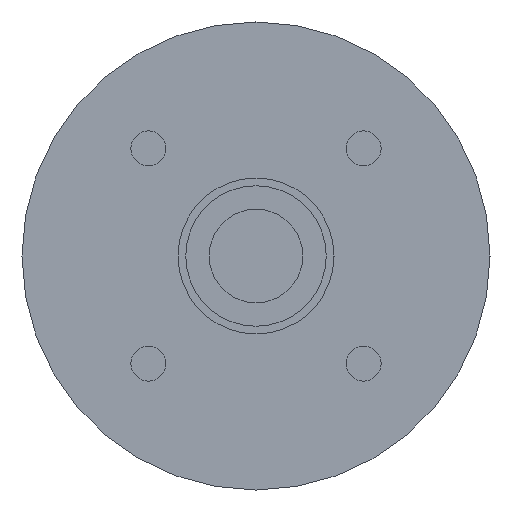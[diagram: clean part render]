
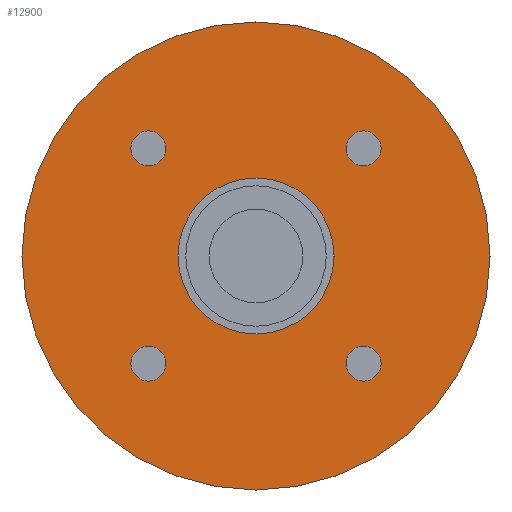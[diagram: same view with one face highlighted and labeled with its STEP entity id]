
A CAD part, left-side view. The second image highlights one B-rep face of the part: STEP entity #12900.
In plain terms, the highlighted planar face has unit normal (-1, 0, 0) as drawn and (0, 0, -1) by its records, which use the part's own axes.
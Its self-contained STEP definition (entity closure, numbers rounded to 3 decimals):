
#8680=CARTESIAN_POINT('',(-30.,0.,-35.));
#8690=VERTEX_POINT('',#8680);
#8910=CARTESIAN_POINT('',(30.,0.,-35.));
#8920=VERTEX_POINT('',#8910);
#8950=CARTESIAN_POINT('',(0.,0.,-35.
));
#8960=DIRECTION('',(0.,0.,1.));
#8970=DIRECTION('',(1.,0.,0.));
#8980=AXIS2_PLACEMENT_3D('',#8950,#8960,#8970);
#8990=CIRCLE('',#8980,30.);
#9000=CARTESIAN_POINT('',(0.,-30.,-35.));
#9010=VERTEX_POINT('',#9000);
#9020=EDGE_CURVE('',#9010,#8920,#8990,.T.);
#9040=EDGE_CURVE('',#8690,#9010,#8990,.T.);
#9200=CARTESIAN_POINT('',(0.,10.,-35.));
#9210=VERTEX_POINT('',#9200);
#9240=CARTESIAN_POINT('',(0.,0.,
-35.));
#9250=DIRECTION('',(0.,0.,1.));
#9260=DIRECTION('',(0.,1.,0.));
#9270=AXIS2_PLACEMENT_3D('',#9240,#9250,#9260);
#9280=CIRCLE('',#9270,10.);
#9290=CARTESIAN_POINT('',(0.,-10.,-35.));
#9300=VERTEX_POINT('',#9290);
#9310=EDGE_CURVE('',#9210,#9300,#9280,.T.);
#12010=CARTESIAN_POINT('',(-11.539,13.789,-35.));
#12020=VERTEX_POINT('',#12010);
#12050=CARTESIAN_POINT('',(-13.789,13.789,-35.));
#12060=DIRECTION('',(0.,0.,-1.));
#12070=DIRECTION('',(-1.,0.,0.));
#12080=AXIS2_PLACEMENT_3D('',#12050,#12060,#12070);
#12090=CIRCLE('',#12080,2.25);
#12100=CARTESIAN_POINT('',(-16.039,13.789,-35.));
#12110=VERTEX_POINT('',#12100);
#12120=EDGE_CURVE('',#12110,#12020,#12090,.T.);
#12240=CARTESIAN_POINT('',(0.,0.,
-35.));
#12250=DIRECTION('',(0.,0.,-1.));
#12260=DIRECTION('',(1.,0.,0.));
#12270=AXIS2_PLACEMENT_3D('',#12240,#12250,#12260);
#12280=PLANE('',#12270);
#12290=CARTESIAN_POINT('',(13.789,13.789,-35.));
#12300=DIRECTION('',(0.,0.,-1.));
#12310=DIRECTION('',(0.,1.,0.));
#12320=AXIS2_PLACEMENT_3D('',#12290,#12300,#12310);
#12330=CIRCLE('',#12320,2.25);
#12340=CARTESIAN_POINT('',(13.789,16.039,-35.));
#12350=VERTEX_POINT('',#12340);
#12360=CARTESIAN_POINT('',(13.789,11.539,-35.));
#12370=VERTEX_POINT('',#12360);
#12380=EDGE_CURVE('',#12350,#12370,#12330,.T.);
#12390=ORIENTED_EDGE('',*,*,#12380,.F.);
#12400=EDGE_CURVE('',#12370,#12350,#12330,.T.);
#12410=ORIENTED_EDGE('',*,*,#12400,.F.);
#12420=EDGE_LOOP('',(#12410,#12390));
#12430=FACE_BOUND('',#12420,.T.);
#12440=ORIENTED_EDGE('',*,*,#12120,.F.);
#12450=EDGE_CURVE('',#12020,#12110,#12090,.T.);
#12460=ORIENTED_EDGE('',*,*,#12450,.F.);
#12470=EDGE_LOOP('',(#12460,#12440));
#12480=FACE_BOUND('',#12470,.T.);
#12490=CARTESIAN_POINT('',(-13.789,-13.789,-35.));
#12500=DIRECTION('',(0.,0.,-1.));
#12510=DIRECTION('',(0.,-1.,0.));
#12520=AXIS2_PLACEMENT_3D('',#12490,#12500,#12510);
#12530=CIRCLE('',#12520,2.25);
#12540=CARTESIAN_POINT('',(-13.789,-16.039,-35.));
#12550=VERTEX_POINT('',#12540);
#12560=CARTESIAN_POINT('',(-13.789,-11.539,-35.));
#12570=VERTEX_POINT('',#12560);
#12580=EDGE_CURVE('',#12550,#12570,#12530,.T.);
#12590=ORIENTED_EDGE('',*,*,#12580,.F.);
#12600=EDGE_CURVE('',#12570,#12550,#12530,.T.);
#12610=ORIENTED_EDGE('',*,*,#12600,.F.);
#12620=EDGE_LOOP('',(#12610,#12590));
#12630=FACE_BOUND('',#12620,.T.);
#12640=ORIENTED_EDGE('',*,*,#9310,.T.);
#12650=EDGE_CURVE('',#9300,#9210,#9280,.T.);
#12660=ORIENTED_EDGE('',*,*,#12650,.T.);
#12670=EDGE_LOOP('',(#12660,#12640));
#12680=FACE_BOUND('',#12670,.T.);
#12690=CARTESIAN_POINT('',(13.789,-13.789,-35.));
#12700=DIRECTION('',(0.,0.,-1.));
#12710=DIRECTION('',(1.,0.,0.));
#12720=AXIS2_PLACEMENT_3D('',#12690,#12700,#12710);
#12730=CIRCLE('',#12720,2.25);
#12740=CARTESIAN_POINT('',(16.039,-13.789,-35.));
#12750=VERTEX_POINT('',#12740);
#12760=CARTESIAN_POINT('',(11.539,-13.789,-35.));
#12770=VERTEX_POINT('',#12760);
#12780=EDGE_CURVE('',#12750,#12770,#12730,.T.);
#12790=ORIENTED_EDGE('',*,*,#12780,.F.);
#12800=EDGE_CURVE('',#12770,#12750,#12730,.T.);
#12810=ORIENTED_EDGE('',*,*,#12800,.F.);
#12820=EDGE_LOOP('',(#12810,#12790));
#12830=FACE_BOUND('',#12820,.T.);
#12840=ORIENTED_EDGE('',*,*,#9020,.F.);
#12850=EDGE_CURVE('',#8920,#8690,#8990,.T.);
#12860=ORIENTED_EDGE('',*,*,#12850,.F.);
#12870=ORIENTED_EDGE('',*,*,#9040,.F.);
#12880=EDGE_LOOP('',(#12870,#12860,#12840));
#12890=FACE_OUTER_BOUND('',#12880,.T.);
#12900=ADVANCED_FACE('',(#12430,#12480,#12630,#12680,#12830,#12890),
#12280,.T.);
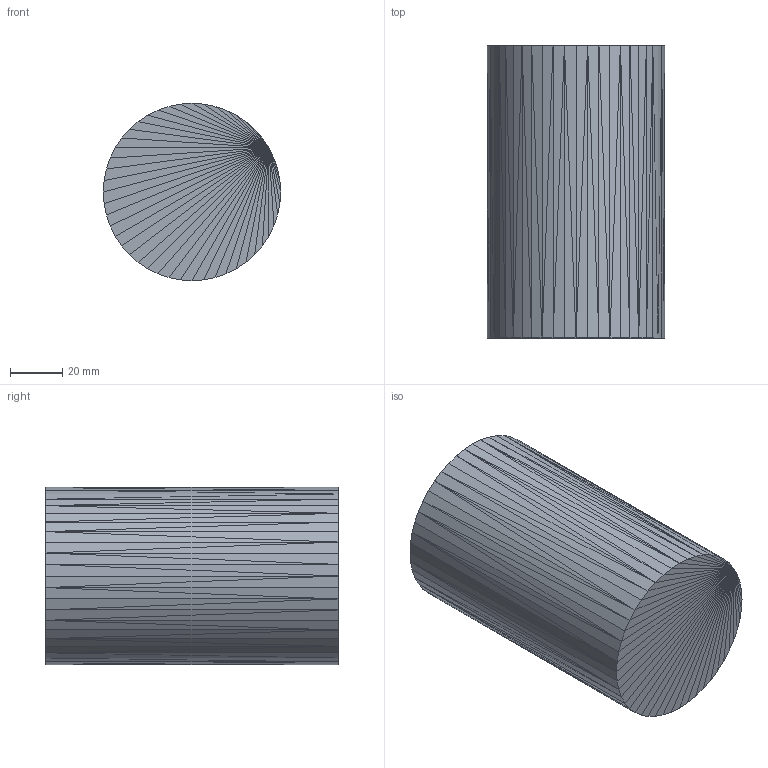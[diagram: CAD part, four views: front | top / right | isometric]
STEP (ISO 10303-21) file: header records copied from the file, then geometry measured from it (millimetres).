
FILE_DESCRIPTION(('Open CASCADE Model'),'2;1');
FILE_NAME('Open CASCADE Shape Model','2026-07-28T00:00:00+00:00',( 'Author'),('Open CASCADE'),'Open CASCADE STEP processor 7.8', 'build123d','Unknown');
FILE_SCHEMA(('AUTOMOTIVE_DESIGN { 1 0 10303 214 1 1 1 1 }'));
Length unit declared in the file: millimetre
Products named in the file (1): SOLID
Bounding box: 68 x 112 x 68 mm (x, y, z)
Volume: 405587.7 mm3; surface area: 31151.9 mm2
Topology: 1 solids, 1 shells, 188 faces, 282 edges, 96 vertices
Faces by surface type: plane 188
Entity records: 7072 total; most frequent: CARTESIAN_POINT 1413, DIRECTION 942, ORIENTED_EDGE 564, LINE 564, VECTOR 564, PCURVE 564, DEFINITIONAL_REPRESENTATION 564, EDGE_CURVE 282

— TASK STATEMENT —
Nothing but the lines from the top of the data above through the line containing "#9200=CARTESIAN_POINT('',(0.,10.,-35.));" should be output, exactly as written and without the pictures.

— WRITTEN RESPONSE —
[diagram: clean part render]
[diagram: same view with one face highlighted and labeled with its STEP entity id]
A CAD part, left-side view. The second image highlights one B-rep face of the part: STEP entity #12900.
In plain terms, the highlighted planar face has unit normal (-1, 0, 0) as drawn and (0, 0, -1) by its records, which use the part's own axes.
Its self-contained STEP definition (entity closure, numbers rounded to 3 decimals):
#8680=CARTESIAN_POINT('',(-30.,0.,-35.));
#8690=VERTEX_POINT('',#8680);
#8910=CARTESIAN_POINT('',(30.,0.,-35.));
#8920=VERTEX_POINT('',#8910);
#8950=CARTESIAN_POINT('',(0.,0.,-35.
));
#8960=DIRECTION('',(0.,0.,1.));
#8970=DIRECTION('',(1.,0.,0.));
#8980=AXIS2_PLACEMENT_3D('',#8950,#8960,#8970);
#8990=CIRCLE('',#8980,30.);
#9000=CARTESIAN_POINT('',(0.,-30.,-35.));
#9010=VERTEX_POINT('',#9000);
#9020=EDGE_CURVE('',#9010,#8920,#8990,.T.);
#9040=EDGE_CURVE('',#8690,#9010,#8990,.T.);
#9200=CARTESIAN_POINT('',(0.,10.,-35.));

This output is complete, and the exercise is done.